### Problem details
I need the entries printed again word for word, without the images.

### Provided material
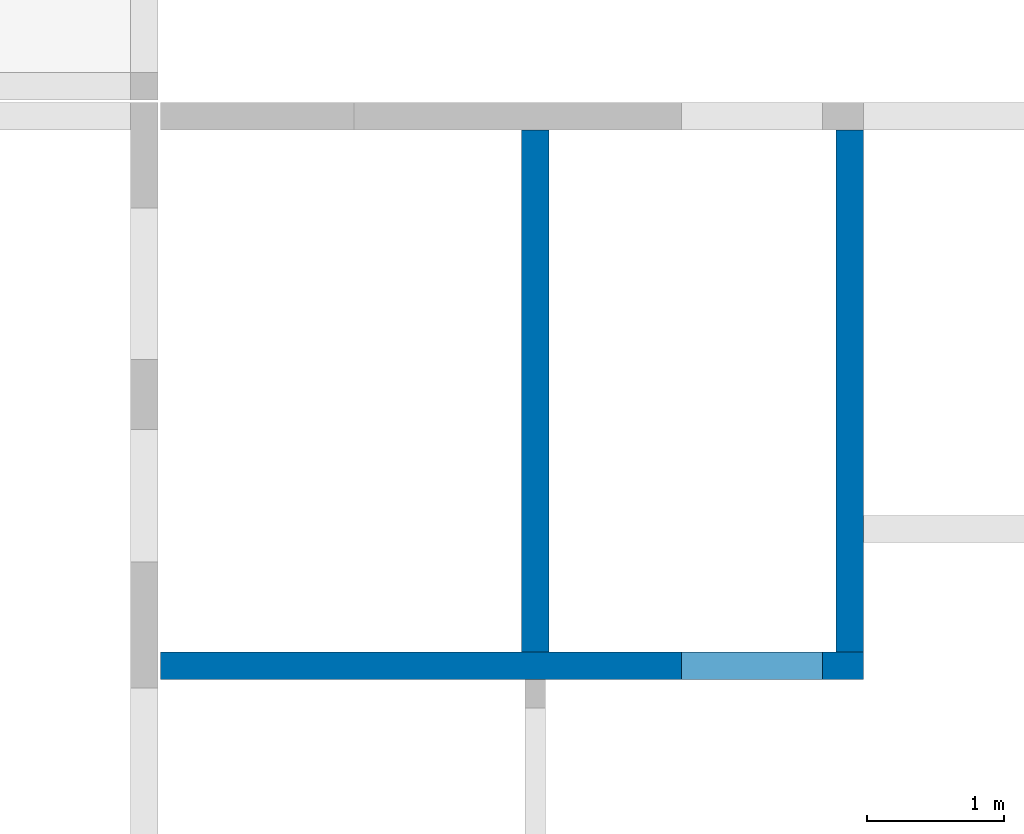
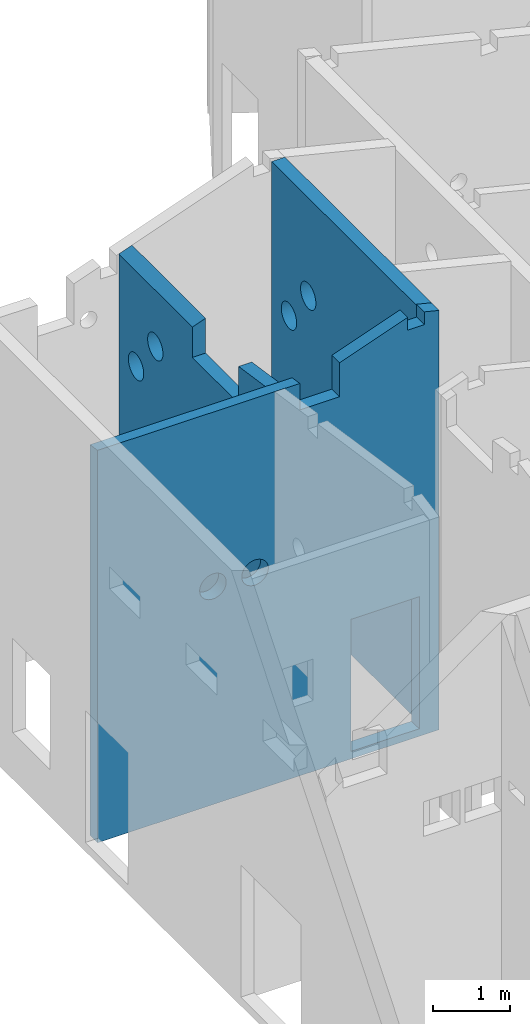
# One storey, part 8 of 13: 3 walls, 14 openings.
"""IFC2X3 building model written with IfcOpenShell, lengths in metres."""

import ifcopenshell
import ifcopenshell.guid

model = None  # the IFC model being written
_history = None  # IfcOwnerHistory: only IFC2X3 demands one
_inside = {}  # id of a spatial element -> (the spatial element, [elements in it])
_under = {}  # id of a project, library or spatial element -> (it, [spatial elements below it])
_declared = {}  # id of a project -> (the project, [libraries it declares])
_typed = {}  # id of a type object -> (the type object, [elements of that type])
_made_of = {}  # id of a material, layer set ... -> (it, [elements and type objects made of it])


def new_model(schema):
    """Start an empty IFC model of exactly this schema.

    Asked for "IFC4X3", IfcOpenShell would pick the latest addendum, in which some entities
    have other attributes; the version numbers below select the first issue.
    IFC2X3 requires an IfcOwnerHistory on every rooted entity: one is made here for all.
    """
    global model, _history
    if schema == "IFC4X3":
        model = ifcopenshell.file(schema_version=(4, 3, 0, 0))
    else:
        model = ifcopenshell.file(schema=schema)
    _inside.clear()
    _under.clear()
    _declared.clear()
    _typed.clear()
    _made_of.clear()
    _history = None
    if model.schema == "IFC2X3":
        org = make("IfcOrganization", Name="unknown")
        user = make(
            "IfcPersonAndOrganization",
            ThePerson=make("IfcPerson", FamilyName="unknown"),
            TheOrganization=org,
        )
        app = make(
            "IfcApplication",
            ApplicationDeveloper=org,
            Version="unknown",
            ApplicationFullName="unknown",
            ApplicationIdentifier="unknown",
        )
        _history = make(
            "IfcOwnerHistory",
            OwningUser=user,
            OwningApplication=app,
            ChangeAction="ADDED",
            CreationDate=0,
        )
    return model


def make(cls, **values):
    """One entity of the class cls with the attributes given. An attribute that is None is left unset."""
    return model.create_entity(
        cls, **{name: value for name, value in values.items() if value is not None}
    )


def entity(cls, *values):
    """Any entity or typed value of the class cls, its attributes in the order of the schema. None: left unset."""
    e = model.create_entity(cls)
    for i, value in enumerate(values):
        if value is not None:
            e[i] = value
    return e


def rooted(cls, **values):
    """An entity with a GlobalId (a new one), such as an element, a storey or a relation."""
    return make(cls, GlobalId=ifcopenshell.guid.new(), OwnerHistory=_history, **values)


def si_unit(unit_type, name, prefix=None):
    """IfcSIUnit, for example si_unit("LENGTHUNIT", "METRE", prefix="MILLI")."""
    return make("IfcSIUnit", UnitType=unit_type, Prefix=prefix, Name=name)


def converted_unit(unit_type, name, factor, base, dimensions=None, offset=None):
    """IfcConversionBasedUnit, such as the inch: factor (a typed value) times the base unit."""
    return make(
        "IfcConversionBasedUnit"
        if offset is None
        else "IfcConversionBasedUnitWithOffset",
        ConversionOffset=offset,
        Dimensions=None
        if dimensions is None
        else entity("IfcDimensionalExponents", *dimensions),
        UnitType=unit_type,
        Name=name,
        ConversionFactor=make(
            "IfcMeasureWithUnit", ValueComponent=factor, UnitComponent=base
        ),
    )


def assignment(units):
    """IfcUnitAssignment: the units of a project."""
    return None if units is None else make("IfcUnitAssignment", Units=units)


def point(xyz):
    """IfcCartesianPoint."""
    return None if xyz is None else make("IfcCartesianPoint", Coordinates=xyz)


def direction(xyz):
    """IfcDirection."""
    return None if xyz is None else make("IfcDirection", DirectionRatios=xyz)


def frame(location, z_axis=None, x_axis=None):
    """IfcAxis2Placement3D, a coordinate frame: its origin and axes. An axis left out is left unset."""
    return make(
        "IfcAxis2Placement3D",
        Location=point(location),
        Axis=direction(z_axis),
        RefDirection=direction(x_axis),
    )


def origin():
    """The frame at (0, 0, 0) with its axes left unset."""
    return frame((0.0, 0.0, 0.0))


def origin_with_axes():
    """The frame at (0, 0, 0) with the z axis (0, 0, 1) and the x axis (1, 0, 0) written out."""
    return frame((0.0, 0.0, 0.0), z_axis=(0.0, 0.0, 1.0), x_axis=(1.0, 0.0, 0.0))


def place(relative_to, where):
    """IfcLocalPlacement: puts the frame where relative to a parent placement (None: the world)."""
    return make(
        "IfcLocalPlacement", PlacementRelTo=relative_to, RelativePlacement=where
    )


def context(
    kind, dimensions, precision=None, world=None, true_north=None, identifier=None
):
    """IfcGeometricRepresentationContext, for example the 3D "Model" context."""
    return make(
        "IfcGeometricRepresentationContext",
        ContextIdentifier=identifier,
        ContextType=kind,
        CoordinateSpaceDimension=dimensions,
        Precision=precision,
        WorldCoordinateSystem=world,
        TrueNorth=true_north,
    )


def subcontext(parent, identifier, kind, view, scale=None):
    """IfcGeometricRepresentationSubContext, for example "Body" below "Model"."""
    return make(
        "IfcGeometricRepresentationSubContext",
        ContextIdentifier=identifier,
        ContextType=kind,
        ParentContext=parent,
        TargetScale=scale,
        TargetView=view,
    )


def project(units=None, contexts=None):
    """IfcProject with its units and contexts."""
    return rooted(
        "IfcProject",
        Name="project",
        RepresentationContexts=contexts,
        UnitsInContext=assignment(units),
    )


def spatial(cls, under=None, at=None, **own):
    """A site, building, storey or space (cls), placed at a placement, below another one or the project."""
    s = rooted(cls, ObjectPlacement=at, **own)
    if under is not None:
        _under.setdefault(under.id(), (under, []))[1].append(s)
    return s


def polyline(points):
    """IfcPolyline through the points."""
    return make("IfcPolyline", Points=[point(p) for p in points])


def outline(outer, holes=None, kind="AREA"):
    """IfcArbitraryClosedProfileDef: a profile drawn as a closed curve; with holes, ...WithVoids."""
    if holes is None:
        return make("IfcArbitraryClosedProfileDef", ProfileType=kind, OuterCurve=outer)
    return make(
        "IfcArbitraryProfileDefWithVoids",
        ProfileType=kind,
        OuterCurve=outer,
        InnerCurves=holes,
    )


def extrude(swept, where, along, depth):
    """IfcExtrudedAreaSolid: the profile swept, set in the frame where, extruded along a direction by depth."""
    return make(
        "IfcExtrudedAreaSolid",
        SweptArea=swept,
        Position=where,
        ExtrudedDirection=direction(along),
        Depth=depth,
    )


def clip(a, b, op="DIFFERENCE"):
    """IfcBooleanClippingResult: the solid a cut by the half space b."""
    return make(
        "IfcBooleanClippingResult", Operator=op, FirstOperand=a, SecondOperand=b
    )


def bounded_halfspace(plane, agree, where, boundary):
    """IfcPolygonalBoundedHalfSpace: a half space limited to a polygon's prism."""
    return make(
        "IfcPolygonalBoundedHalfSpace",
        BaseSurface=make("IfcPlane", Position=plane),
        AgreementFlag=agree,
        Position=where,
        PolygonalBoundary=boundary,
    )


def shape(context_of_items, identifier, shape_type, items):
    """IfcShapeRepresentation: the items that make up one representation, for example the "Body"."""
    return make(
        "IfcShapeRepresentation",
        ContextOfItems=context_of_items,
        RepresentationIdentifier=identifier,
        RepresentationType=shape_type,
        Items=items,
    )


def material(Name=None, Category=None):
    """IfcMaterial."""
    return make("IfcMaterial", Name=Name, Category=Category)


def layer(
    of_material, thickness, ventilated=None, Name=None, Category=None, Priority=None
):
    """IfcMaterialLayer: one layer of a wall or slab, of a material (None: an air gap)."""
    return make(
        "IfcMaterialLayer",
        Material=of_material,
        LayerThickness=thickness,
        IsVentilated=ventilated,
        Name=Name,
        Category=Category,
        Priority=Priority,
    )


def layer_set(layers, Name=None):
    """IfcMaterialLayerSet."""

### Reply
# One storey, part 8 of 13: 3 walls, 14 openings.
"""IFC2X3 building model written with IfcOpenShell, lengths in metres."""

import ifcopenshell
import ifcopenshell.guid

model = None  # the IFC model being written
_history = None  # IfcOwnerHistory: only IFC2X3 demands one
_inside = {}  # id of a spatial element -> (the spatial element, [elements in it])
_under = {}  # id of a project, library or spatial element -> (it, [spatial elements below it])
_declared = {}  # id of a project -> (the project, [libraries it declares])
_typed = {}  # id of a type object -> (the type object, [elements of that type])
_made_of = {}  # id of a material, layer set ... -> (it, [elements and type objects made of it])


def new_model(schema):
    """Start an empty IFC model of exactly this schema.

    Asked for "IFC4X3", IfcOpenShell would pick the latest addendum, in which some entities
    have other attributes; the version numbers below select the first issue.
    IFC2X3 requires an IfcOwnerHistory on every rooted entity: one is made here for all.
    """
    global model, _history
    if schema == "IFC4X3":
        model = ifcopenshell.file(schema_version=(4, 3, 0, 0))
    else:
        model = ifcopenshell.file(schema=schema)
    _inside.clear()
    _under.clear()
    _declared.clear()
    _typed.clear()
    _made_of.clear()
    _history = None
    if model.schema == "IFC2X3":
        org = make("IfcOrganization", Name="unknown")
        user = make(
            "IfcPersonAndOrganization",
            ThePerson=make("IfcPerson", FamilyName="unknown"),
            TheOrganization=org,
        )
        app = make(
            "IfcApplication",
            ApplicationDeveloper=org,
            Version="unknown",
            ApplicationFullName="unknown",
            ApplicationIdentifier="unknown",
        )
        _history = make(
            "IfcOwnerHistory",
            OwningUser=user,
            OwningApplication=app,
            ChangeAction="ADDED",
            CreationDate=0,
        )
    return model


def make(cls, **values):
    """One entity of the class cls with the attributes given. An attribute that is None is left unset."""
    return model.create_entity(
        cls, **{name: value for name, value in values.items() if value is not None}
    )


def entity(cls, *values):
    """Any entity or typed value of the class cls, its attributes in the order of the schema. None: left unset."""
    e = model.create_entity(cls)
    for i, value in enumerate(values):
        if value is not None:
            e[i] = value
    return e


def rooted(cls, **values):
    """An entity with a GlobalId (a new one), such as an element, a storey or a relation."""
    return make(cls, GlobalId=ifcopenshell.guid.new(), OwnerHistory=_history, **values)


def si_unit(unit_type, name, prefix=None):
    """IfcSIUnit, for example si_unit("LENGTHUNIT", "METRE", prefix="MILLI")."""
    return make("IfcSIUnit", UnitType=unit_type, Prefix=prefix, Name=name)


def converted_unit(unit_type, name, factor, base, dimensions=None, offset=None):
    """IfcConversionBasedUnit, such as the inch: factor (a typed value) times the base unit."""
    return make(
        "IfcConversionBasedUnit"
        if offset is None
        else "IfcConversionBasedUnitWithOffset",
        ConversionOffset=offset,
        Dimensions=None
        if dimensions is None
        else entity("IfcDimensionalExponents", *dimensions),
        UnitType=unit_type,
        Name=name,
        ConversionFactor=make(
            "IfcMeasureWithUnit", ValueComponent=factor, UnitComponent=base
        ),
    )


def assignment(units):
    """IfcUnitAssignment: the units of a project."""
    return None if units is None else make("IfcUnitAssignment", Units=units)


def point(xyz):
    """IfcCartesianPoint."""
    return None if xyz is None else make("IfcCartesianPoint", Coordinates=xyz)


def direction(xyz):
    """IfcDirection."""
    return None if xyz is None else make("IfcDirection", DirectionRatios=xyz)


def frame(location, z_axis=None, x_axis=None):
    """IfcAxis2Placement3D, a coordinate frame: its origin and axes. An axis left out is left unset."""
    return make(
        "IfcAxis2Placement3D",
        Location=point(location),
        Axis=direction(z_axis),
        RefDirection=direction(x_axis),
    )


def origin():
    """The frame at (0, 0, 0) with its axes left unset."""
    return frame((0.0, 0.0, 0.0))


def origin_with_axes():
    """The frame at (0, 0, 0) with the z axis (0, 0, 1) and the x axis (1, 0, 0) written out."""
    return frame((0.0, 0.0, 0.0), z_axis=(0.0, 0.0, 1.0), x_axis=(1.0, 0.0, 0.0))


def place(relative_to, where):
    """IfcLocalPlacement: puts the frame where relative to a parent placement (None: the world)."""
    return make(
        "IfcLocalPlacement", PlacementRelTo=relative_to, RelativePlacement=where
    )


def context(
    kind, dimensions, precision=None, world=None, true_north=None, identifier=None
):
    """IfcGeometricRepresentationContext, for example the 3D "Model" context."""
    return make(
        "IfcGeometricRepresentationContext",
        ContextIdentifier=identifier,
        ContextType=kind,
        CoordinateSpaceDimension=dimensions,
        Precision=precision,
        WorldCoordinateSystem=world,
        TrueNorth=true_north,
    )


def subcontext(parent, identifier, kind, view, scale=None):
    """IfcGeometricRepresentationSubContext, for example "Body" below "Model"."""
    return make(
        "IfcGeometricRepresentationSubContext",
        ContextIdentifier=identifier,
        ContextType=kind,
        ParentContext=parent,
        TargetScale=scale,
        TargetView=view,
    )


def project(units=None, contexts=None):
    """IfcProject with its units and contexts."""
    return rooted(
        "IfcProject",
        Name="project",
        RepresentationContexts=contexts,
        UnitsInContext=assignment(units),
    )


def spatial(cls, under=None, at=None, **own):
    """A site, building, storey or space (cls), placed at a placement, below another one or the project."""
    s = rooted(cls, ObjectPlacement=at, **own)
    if under is not None:
        _under.setdefault(under.id(), (under, []))[1].append(s)
    return s


def polyline(points):
    """IfcPolyline through the points."""
    return make("IfcPolyline", Points=[point(p) for p in points])


def outline(outer, holes=None, kind="AREA"):
    """IfcArbitraryClosedProfileDef: a profile drawn as a closed curve; with holes, ...WithVoids."""
    if holes is None:
        return make("IfcArbitraryClosedProfileDef", ProfileType=kind, OuterCurve=outer)
    return make(
        "IfcArbitraryProfileDefWithVoids",
        ProfileType=kind,
        OuterCurve=outer,
        InnerCurves=holes,
    )


def extrude(swept, where, along, depth):
    """IfcExtrudedAreaSolid: the profile swept, set in the frame where, extruded along a direction by depth."""
    return make(
        "IfcExtrudedAreaSolid",
        SweptArea=swept,
        Position=where,
        ExtrudedDirection=direction(along),
        Depth=depth,
    )


def clip(a, b, op="DIFFERENCE"):
    """IfcBooleanClippingResult: the solid a cut by the half space b."""
    return make(
        "IfcBooleanClippingResult", Operator=op, FirstOperand=a, SecondOperand=b
    )


def bounded_halfspace(plane, agree, where, boundary):
    """IfcPolygonalBoundedHalfSpace: a half space limited to a polygon's prism."""
    return make(
        "IfcPolygonalBoundedHalfSpace",
        BaseSurface=make("IfcPlane", Position=plane),
        AgreementFlag=agree,
        Position=where,
        PolygonalBoundary=boundary,
    )


def shape(context_of_items, identifier, shape_type, items):
    """IfcShapeRepresentation: the items that make up one representation, for example the "Body"."""
    return make(
        "IfcShapeRepresentation",
        ContextOfItems=context_of_items,
        RepresentationIdentifier=identifier,
        RepresentationType=shape_type,
        Items=items,
    )


def material(Name=None, Category=None):
    """IfcMaterial."""
    return make("IfcMaterial", Name=Name, Category=Category)


def layer(
    of_material, thickness, ventilated=None, Name=None, Category=None, Priority=None
):
    """IfcMaterialLayer: one layer of a wall or slab, of a material (None: an air gap)."""
    return make(
        "IfcMaterialLayer",
        Material=of_material,
        LayerThickness=thickness,
        IsVentilated=ventilated,
        Name=Name,
        Category=Category,
        Priority=Priority,
    )


def layer_set(layers, Name=None):
    """IfcMaterialLayerSet."""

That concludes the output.